((
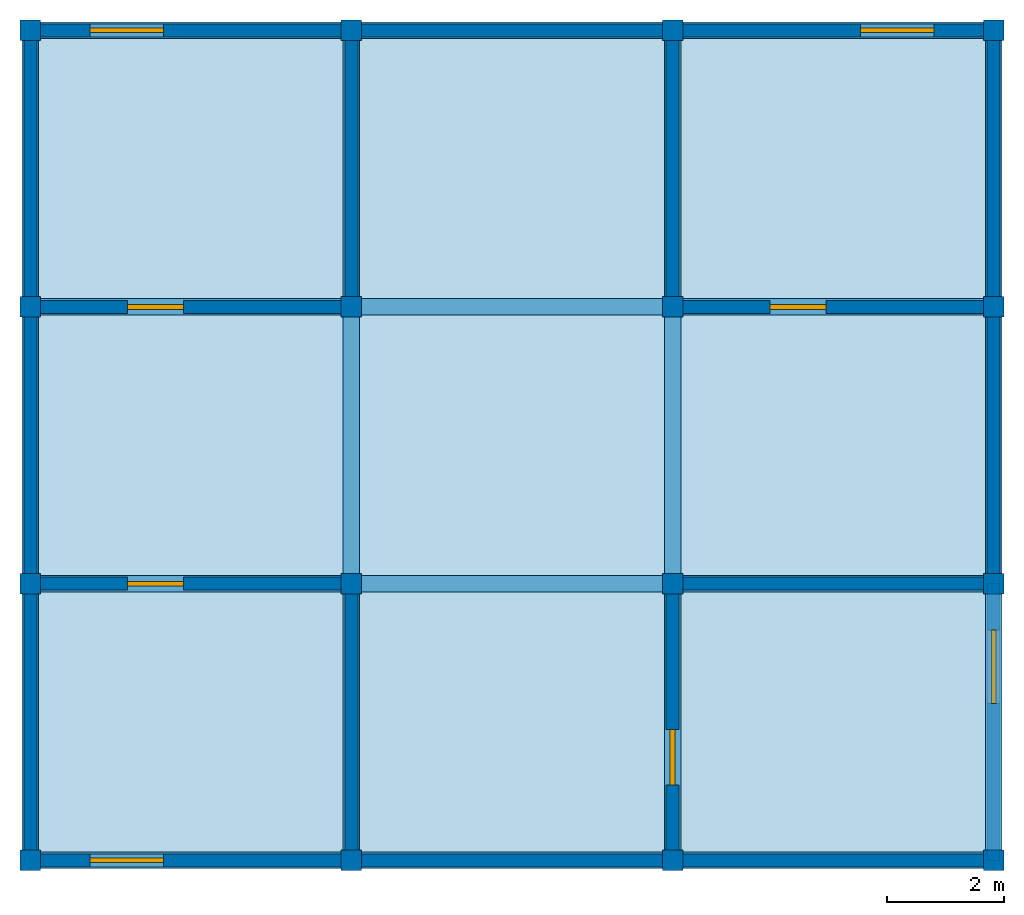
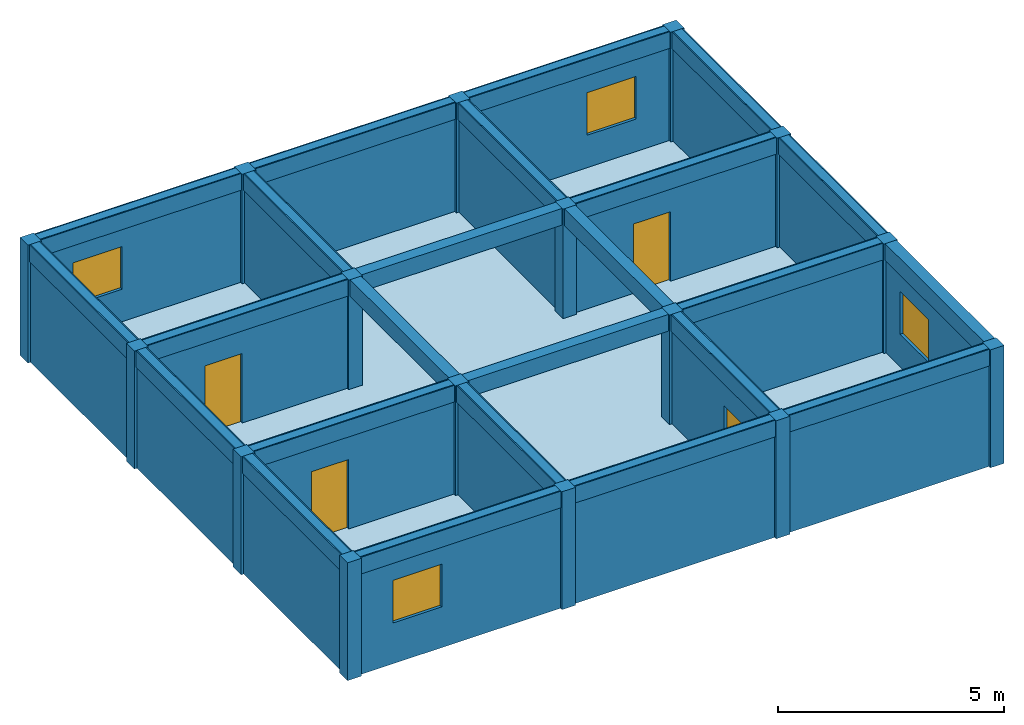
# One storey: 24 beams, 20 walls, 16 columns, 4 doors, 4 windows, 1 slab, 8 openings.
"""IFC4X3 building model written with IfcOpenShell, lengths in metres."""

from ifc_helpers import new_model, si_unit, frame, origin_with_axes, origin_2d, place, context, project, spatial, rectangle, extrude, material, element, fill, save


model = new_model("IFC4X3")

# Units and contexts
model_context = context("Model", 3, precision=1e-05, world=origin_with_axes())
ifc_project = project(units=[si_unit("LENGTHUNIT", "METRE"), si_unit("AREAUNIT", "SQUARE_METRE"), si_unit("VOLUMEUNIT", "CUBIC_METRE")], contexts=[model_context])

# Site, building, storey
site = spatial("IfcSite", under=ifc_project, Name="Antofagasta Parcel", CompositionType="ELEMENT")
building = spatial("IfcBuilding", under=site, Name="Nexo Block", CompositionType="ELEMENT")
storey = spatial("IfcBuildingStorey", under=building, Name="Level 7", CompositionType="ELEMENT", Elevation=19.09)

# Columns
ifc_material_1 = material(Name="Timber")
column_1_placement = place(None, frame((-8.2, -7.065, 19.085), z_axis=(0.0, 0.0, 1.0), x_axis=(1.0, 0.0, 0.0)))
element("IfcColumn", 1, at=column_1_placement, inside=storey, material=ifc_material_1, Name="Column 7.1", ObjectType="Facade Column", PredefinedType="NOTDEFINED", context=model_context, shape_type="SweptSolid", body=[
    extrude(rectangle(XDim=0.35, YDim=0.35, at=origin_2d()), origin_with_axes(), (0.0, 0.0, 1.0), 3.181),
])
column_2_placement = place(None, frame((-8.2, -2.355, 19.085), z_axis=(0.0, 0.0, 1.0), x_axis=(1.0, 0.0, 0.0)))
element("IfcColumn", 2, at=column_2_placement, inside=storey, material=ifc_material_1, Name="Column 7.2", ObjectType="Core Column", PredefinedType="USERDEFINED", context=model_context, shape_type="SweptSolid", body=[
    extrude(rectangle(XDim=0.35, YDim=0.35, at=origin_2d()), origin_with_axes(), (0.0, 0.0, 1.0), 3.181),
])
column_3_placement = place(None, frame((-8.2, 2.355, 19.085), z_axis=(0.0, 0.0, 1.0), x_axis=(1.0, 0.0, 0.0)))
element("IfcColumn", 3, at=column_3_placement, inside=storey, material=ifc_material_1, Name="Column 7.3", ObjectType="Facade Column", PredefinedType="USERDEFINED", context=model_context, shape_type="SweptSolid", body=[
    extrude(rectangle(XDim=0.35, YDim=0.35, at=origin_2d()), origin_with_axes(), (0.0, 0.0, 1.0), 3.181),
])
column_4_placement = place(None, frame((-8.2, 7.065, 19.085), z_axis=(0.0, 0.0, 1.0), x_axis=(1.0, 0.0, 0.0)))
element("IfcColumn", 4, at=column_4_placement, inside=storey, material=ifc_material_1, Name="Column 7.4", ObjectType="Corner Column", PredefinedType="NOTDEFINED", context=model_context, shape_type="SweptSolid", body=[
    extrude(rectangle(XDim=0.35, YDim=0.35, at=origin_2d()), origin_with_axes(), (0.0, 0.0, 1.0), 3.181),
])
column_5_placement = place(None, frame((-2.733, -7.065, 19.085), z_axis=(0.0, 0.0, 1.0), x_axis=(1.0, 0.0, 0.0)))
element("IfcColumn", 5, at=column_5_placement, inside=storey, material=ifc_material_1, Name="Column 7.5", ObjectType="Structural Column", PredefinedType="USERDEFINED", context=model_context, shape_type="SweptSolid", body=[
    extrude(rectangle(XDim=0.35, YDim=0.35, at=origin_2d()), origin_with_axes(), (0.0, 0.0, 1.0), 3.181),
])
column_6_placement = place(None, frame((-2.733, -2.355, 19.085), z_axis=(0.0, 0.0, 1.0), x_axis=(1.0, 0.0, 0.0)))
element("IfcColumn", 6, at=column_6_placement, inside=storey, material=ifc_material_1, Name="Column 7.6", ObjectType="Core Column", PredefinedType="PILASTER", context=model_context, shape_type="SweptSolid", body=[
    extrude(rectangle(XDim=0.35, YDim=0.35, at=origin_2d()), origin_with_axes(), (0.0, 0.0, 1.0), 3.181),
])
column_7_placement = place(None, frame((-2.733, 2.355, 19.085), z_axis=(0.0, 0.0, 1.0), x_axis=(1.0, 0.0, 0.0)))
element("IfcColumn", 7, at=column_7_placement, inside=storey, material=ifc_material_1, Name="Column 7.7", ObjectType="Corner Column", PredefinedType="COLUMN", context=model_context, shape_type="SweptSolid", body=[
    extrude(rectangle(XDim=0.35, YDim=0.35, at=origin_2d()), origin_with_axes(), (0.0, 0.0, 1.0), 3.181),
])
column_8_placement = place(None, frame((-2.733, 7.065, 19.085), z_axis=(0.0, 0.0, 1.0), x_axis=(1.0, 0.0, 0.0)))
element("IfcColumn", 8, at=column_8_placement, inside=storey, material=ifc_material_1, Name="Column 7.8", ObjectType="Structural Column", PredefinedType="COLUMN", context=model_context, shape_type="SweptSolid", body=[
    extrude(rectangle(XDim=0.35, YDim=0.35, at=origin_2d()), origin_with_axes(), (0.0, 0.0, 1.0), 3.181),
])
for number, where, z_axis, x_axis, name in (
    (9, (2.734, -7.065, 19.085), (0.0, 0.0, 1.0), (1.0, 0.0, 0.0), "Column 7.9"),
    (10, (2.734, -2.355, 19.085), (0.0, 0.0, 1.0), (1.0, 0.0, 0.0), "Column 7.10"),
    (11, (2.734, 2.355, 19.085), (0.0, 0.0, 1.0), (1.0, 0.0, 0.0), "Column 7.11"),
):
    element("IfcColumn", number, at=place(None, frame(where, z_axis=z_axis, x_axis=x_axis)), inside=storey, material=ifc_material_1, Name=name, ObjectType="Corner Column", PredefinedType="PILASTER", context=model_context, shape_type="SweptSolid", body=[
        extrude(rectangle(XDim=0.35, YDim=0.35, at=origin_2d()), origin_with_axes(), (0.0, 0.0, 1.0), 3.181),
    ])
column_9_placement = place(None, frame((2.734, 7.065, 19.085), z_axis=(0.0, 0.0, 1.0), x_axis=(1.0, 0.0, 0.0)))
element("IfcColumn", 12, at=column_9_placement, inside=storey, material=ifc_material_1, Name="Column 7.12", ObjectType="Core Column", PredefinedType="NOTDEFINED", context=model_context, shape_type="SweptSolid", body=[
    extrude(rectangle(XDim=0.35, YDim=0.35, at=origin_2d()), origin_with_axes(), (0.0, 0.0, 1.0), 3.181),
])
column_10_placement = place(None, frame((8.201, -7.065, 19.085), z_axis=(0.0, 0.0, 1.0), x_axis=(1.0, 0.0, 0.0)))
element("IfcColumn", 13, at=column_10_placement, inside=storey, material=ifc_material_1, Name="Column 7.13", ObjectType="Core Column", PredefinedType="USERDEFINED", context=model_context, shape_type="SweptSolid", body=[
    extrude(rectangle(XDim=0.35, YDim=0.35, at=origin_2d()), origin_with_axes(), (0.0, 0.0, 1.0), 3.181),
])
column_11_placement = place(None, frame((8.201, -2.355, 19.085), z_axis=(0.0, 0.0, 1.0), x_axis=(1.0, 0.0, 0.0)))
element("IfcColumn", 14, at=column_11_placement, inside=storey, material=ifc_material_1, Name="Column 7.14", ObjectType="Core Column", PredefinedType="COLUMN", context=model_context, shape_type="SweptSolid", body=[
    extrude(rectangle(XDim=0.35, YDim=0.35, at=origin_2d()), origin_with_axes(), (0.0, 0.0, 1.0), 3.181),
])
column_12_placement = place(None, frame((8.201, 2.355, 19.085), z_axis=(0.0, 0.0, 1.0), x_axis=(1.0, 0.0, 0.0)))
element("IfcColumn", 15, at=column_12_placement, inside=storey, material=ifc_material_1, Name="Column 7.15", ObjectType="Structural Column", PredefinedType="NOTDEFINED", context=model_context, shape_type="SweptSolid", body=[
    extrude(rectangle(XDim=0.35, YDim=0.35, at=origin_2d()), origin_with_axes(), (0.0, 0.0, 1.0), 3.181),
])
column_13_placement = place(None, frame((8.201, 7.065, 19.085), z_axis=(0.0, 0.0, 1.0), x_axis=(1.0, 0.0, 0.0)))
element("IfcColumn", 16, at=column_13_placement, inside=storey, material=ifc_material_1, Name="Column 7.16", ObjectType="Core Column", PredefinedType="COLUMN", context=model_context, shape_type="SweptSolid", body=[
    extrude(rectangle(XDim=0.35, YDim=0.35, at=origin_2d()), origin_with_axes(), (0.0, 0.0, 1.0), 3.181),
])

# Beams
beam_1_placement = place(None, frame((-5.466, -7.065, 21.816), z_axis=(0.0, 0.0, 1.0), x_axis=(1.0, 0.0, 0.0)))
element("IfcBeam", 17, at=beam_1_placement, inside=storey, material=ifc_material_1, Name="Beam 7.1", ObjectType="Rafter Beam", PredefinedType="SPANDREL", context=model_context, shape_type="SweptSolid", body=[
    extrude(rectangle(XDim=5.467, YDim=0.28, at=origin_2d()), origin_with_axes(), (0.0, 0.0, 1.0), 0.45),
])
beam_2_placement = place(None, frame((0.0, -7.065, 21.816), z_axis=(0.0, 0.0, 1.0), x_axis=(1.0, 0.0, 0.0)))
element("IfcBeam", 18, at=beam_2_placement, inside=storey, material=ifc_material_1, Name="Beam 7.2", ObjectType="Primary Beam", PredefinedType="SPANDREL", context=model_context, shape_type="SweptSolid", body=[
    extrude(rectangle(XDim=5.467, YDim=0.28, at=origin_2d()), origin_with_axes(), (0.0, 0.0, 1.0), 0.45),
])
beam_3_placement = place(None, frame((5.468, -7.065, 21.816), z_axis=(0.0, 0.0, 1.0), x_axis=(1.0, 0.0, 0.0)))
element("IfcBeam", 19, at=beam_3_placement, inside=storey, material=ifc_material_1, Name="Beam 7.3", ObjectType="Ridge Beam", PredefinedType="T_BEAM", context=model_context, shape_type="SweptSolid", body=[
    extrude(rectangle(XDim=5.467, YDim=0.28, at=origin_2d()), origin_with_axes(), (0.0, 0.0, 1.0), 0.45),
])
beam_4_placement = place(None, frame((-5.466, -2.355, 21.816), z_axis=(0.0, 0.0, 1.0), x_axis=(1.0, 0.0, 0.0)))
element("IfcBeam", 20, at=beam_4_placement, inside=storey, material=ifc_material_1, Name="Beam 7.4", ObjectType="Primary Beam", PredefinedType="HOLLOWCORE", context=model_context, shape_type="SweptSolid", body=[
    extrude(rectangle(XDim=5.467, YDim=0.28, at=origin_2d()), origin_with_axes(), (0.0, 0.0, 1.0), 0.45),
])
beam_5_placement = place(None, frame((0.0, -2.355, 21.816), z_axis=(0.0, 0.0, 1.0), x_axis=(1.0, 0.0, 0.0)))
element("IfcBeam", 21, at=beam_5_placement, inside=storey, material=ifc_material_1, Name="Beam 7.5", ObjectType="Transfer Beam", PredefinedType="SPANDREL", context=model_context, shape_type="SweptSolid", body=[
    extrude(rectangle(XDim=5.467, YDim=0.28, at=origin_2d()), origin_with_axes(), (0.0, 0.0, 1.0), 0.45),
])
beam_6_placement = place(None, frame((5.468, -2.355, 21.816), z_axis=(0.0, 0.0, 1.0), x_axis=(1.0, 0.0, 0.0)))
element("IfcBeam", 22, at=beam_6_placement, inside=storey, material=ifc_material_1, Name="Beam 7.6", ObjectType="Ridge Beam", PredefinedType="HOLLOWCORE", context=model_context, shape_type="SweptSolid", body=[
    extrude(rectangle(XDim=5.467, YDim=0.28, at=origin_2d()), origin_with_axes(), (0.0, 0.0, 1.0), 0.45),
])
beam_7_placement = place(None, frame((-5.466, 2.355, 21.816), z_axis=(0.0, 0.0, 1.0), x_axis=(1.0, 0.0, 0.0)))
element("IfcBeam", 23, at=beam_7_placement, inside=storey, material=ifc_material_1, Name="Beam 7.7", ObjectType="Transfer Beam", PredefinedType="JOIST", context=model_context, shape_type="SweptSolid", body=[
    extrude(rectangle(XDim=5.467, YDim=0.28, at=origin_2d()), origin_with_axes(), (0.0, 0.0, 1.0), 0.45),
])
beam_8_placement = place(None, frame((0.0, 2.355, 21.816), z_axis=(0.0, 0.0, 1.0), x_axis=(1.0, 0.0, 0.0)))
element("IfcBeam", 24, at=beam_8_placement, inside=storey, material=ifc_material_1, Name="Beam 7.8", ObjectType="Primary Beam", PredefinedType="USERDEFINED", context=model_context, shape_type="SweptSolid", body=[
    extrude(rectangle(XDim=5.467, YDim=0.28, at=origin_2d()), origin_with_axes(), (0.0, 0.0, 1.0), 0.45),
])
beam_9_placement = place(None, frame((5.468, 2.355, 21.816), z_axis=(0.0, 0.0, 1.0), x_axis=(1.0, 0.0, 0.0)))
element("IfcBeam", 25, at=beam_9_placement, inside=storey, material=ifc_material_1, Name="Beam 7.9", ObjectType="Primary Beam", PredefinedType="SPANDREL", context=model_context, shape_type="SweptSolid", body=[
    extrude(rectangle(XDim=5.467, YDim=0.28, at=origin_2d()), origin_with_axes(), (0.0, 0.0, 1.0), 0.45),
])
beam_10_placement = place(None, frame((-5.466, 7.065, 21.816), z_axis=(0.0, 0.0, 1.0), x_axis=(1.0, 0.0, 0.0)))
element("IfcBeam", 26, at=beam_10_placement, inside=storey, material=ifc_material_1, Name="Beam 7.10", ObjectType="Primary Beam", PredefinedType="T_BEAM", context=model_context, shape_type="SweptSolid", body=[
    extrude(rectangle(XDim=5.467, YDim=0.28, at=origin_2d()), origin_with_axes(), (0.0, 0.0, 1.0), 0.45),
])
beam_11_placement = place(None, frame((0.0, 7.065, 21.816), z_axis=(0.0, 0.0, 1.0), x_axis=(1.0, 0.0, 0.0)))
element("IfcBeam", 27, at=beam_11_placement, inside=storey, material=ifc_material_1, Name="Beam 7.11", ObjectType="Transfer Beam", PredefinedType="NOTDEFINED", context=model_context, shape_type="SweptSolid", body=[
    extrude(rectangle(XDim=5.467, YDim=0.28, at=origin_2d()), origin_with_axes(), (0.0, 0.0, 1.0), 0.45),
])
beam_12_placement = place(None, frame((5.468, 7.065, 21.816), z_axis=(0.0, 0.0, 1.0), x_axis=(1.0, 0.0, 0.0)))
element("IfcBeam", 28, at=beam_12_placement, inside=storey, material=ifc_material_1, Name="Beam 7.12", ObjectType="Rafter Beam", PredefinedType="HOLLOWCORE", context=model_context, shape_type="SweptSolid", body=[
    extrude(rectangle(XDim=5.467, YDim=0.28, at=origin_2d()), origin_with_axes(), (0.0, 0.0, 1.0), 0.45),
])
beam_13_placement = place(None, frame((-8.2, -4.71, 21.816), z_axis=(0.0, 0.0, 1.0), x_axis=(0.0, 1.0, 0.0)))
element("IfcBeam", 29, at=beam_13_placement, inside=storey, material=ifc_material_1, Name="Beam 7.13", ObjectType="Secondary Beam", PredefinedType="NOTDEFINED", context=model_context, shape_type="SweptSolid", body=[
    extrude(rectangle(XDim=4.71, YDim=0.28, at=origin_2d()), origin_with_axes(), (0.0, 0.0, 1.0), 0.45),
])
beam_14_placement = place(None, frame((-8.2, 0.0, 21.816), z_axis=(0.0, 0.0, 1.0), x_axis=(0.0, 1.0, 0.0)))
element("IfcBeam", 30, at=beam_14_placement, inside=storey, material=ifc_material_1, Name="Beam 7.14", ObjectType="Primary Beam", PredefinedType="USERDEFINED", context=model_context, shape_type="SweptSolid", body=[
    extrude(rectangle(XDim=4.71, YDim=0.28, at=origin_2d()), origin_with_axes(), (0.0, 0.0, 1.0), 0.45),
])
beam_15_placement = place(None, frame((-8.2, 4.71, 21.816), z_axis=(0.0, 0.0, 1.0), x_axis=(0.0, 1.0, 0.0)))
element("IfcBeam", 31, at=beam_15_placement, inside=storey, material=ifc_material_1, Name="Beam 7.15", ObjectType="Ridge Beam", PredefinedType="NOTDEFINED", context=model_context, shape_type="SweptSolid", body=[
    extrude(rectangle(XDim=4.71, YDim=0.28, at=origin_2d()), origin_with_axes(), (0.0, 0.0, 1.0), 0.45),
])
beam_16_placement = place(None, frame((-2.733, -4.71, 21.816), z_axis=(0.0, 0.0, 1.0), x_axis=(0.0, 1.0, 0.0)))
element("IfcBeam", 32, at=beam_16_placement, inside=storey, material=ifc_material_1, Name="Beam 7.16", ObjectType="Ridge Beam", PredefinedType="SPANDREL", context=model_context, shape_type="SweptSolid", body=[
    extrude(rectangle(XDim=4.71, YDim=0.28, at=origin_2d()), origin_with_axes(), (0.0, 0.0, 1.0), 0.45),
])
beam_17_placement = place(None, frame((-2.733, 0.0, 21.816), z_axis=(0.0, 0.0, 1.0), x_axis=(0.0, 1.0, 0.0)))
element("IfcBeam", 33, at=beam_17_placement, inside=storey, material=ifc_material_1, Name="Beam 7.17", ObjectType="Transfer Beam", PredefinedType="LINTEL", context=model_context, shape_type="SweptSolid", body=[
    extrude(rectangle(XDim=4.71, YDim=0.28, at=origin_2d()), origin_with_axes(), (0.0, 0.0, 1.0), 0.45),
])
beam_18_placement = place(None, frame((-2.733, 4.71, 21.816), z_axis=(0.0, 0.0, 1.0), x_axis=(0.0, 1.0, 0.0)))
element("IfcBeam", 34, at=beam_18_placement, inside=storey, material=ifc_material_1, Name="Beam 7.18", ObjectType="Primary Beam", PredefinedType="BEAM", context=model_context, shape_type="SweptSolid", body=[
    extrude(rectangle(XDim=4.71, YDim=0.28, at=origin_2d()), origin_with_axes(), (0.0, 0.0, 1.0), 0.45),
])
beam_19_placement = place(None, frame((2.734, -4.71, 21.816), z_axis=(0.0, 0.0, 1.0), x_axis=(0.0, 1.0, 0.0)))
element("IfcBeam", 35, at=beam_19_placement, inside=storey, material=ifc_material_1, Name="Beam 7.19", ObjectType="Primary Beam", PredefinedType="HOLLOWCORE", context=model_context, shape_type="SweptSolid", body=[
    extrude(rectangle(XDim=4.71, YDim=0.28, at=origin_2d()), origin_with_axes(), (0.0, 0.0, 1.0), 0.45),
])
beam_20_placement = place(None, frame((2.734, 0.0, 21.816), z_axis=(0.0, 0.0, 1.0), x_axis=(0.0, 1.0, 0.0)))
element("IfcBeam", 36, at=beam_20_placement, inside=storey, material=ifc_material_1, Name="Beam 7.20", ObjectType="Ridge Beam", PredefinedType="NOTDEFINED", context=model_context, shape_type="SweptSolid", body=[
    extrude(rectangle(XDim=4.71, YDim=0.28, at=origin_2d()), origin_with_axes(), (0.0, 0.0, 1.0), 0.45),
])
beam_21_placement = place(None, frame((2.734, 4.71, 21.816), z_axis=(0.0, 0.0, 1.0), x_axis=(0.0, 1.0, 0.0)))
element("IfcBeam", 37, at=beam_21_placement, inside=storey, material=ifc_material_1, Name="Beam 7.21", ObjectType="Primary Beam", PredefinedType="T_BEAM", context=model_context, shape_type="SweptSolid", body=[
))
Taking the records above as input, show every line in which the word "HOLLOWCORE" is present.

element("IfcBeam", 20, at=beam_4_placement, inside=storey, material=ifc_material_1, Name="Beam 7.4", ObjectType="Primary Beam", PredefinedType="HOLLOWCORE", context=model_context, shape_type="SweptSolid", body=[
element("IfcBeam", 22, at=beam_6_placement, inside=storey, material=ifc_material_1, Name="Beam 7.6", ObjectType="Ridge Beam", PredefinedType="HOLLOWCORE", context=model_context, shape_type="SweptSolid", body=[
element("IfcBeam", 28, at=beam_12_placement, inside=storey, material=ifc_material_1, Name="Beam 7.12", ObjectType="Rafter Beam", PredefinedType="HOLLOWCORE", context=model_context, shape_type="SweptSolid", body=[
element("IfcBeam", 35, at=beam_19_placement, inside=storey, material=ifc_material_1, Name="Beam 7.19", ObjectType="Primary Beam", PredefinedType="HOLLOWCORE", context=model_context, shape_type="SweptSolid", body=[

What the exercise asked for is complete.